-------- MATERIAL FOR THE TASK

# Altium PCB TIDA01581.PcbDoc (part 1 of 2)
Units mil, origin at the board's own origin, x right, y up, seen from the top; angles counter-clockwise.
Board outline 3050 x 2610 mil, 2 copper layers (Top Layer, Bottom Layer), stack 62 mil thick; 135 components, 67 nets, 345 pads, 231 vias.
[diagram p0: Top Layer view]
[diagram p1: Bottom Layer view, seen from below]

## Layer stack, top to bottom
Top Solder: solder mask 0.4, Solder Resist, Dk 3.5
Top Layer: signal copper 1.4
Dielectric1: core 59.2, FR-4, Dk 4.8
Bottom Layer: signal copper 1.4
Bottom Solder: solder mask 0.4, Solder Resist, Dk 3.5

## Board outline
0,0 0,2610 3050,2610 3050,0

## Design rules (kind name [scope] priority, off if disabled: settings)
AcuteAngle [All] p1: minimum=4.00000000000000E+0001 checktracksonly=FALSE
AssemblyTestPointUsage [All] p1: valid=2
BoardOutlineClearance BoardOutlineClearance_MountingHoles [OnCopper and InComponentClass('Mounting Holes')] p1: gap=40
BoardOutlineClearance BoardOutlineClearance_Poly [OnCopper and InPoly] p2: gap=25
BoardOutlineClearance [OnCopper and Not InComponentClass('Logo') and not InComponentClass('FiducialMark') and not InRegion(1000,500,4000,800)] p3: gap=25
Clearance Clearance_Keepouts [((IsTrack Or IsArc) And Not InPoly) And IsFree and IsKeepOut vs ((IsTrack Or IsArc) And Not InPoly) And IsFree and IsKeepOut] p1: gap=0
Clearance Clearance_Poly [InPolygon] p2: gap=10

----------------

- WHAT THE EXERCISE ASKS: Set down all of the entries exactly, please.

- YOUR SOLUTION:
# Altium PCB TIDA01581.PcbDoc (part 1 of 2)
Units mil, origin at the board's own origin, x right, y up, seen from the top; angles counter-clockwise.
Board outline 3050 x 2610 mil, 2 copper layers (Top Layer, Bottom Layer), stack 62 mil thick; 135 components, 67 nets, 345 pads, 231 vias.
[diagram p0: Top Layer view]
[diagram p1: Bottom Layer view, seen from below]

## Layer stack, top to bottom
Top Solder: solder mask 0.4, Solder Resist, Dk 3.5
Top Layer: signal copper 1.4
Dielectric1: core 59.2, FR-4, Dk 4.8
Bottom Layer: signal copper 1.4
Bottom Solder: solder mask 0.4, Solder Resist, Dk 3.5

## Board outline
0,0 0,2610 3050,2610 3050,0

## Design rules (kind name [scope] priority, off if disabled: settings)
AcuteAngle [All] p1: minimum=4.00000000000000E+0001 checktracksonly=FALSE
AssemblyTestPointUsage [All] p1: valid=2
BoardOutlineClearance BoardOutlineClearance_MountingHoles [OnCopper and InComponentClass('Mounting Holes')] p1: gap=40
BoardOutlineClearance BoardOutlineClearance_Poly [OnCopper and InPoly] p2: gap=25
BoardOutlineClearance [OnCopper and Not InComponentClass('Logo') and not InComponentClass('FiducialMark') and not InRegion(1000,500,4000,800)] p3: gap=25
Clearance Clearance_Keepouts [((IsTrack Or IsArc) And Not InPoly) And IsFree and IsKeepOut vs ((IsTrack Or IsArc) And Not InPoly) And IsFree and IsKeepOut] p1: gap=0
Clearance Clearance_Poly [InPolygon] p2: gap=10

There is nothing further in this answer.